Contrast ultrasound can tell DCIS from fibroadenomas

2018 07 27 16 48 4912 Ultrasound Breast 400

Contrast-enhanced ultrasound (CEUS) can distinguish ductal carcinoma in situ (DCIS) from fibroadenoma in breast tissue, according to a study published online June 17 in the Journal of Ultrasound in Medicine.

The findings further support the use of CEUS in the breast cancer screening arsenal, especially since DCIS can be tough to diagnose, wrote a team led by Weiwei Li of Shanghai Jiao Tong University.

"Ultrasound has become an important screening tool for evaluating breast lesions because of its widespread availability, low cost, and safety," the group wrote. "CEUS ... has been shown to be very helpful for differentiating benign from malignant breast tumors."

DCIS is a precursor to invasive breast cancer, Li's group noted. But accurately diagnosing DCIS -- and distinguishing it from benign lesions like fibroadenomas -- can be tricky. Quantitative breast ultrasound has been used to do this, but the modality has its limitations.

That's where CEUS comes in, since it can evaluate blood distribution and provide qualitative and quantitative analyses for characterizing breast lesions, the researchers wrote.

"Contrast-enhanced ultrasound is a noninvasive method that uses microbubble agents to evaluate and quantify the tissue perfusion," the group wrote. "Hence, it is reasonable to assume that the different enhancement characteristics may be used to evaluate the microcirculation perfusion, as well as to offer more valuable information for distinguishing malignant breast lesions from benign ones."

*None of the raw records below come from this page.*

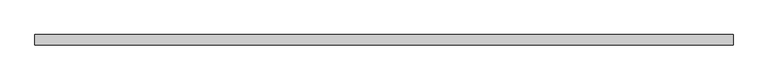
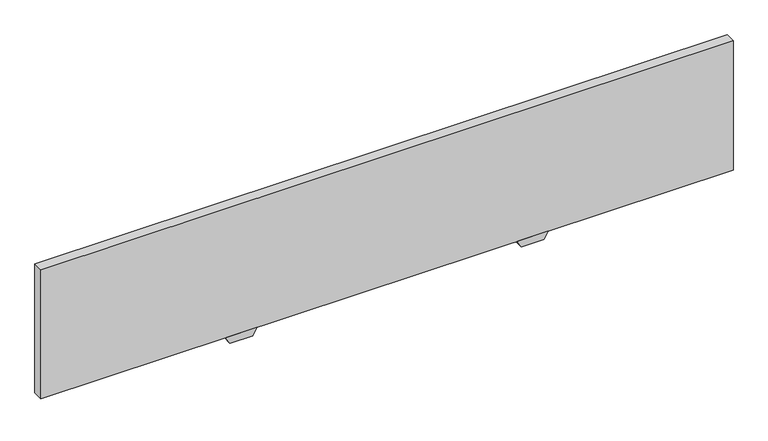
"""IFC4 building model written with IfcOpenShell, lengths in millimetres: proxy geometry."""

from ifc_helpers import new_model, si_unit, frame, origin, origin_with_axes, place, context, project, spatial, polyline, outline, extrude, source, transform, mapped, element, save


def specialty_equipment_2d2efd5c(model_context):
    return source(origin(), model_context, "Body", "SweptSolid", [
        extrude(outline(polyline([(0.0, 227.0125), (-12.7, 234.3448484), (-12.7, 273.6551516), (0.0, 280.9875), (0.0, 227.0125)])), frame((0.0, -9.017, 0.0), z_axis=(0.0, 1.0, 0.0), x_axis=(0.0, 0.0, 1.0)), (0.0, 0.0, 1.0), 18.034),
        extrude(outline(polyline([(0.0, -280.9875), (-12.7, -273.6551516), (-12.7, -234.3448484), (0.0, -227.0125), (0.0, -280.9875)])), frame((0.0, -9.017, 0.0), z_axis=(0.0, 1.0, 0.0), x_axis=(0.0, 0.0, 1.0)), (0.0, 0.0, 1.0), 18.034),
        extrude(outline(polyline([(-603.25, -9.017), (-603.25, 9.017), (603.25, 9.017), (603.25, -9.017), (-603.25, -9.017)])), origin_with_axes(), (0.0, 0.0, 1.0), 238.252),
    ])


if __name__ == "__main__":
    model = new_model("IFC4")
    model_context = context("Model", 3, world=origin())
    ifc_project = project(units=[si_unit("LENGTHUNIT", "METRE", prefix="MILLI")], contexts=[model_context])
    site = spatial("IfcSite", under=ifc_project)
    building = spatial("IfcBuilding", under=site)
    placement = place(None, origin())
    specialty_equipment_shape = specialty_equipment_2d2efd5c(model_context)
    element("IfcBuildingElementProxy", 1, Name="SE_TIMBER BAFFLE_SINGLE_FB_TURF : 47.5\" - GRIDLOCK", ObjectType="SE_TIMBER BAFFLE_SINGLE_FB_TURF : 47.5\" - GRIDLOCK", at=placement, inside=building, context=model_context, shape_type="MappedRepresentation", body=[
        mapped(specialty_equipment_shape, transform((0.0, 0.0, 0.0), x_axis=(1.0, 0.0, 0.0), y_axis=(0.0, 1.0, 0.0), z_axis=(0.0, 0.0, 1.0))),
    ])
    save(model, "model.ifc")

However, no studies to date have explored the diagnostic value of contrast ultrasound for identifying DCIS, according to the authors. So Li and colleagues assessed the characteristics of DCIS on CEUS, comparing CEUS findings of DCIS and fibroadenoma.

Their study included 251 women with 127 histopathologically confirmed DCIS lesions (mean size, 26 mm) and 124 fibroadenoma lesions (mean size, 29 mm). All of the women had undergone CEUS. Li and colleagues then analyzed the CEUS findings of the DCIS and fibroadenomas for distinguishing features.

The group found that DCIS lesions more often had particular features than the fibroadenomas and that CEUS could identify them. These included the following:

Features identified by CEUS as characteristic of DCIS
Feature DCIS Fibroadenomas
Blood perfusion defects 74.6% 42.6%
Earlier wash-in time 65.9% 38.5%
Earlier wash-out time 38.9% 26.2%
Hyperintense enhancement 44.4% 20.5%
Penetrating vessels 70.6% 41.8%

The results confirm that CEUS offers clinicians an effective way to diagnose DCIS, Li and colleagues concluded.

"As a novel diagnostic modality, CEUS can be used to evaluate the microvessels of DCIS with a low volume and blood flow velocity," the group wrote. "The features, including an earlier wash-in time, hyperintense enhancement, blood perfusion defects, an enlarged enhancement scope, and penetrating vessels, are more frequent in DCIS than in fibroadenoma. Thus, CEUS may be used as a valuable tool for differential diagnosis of DCIS and fibroadenoma lesions."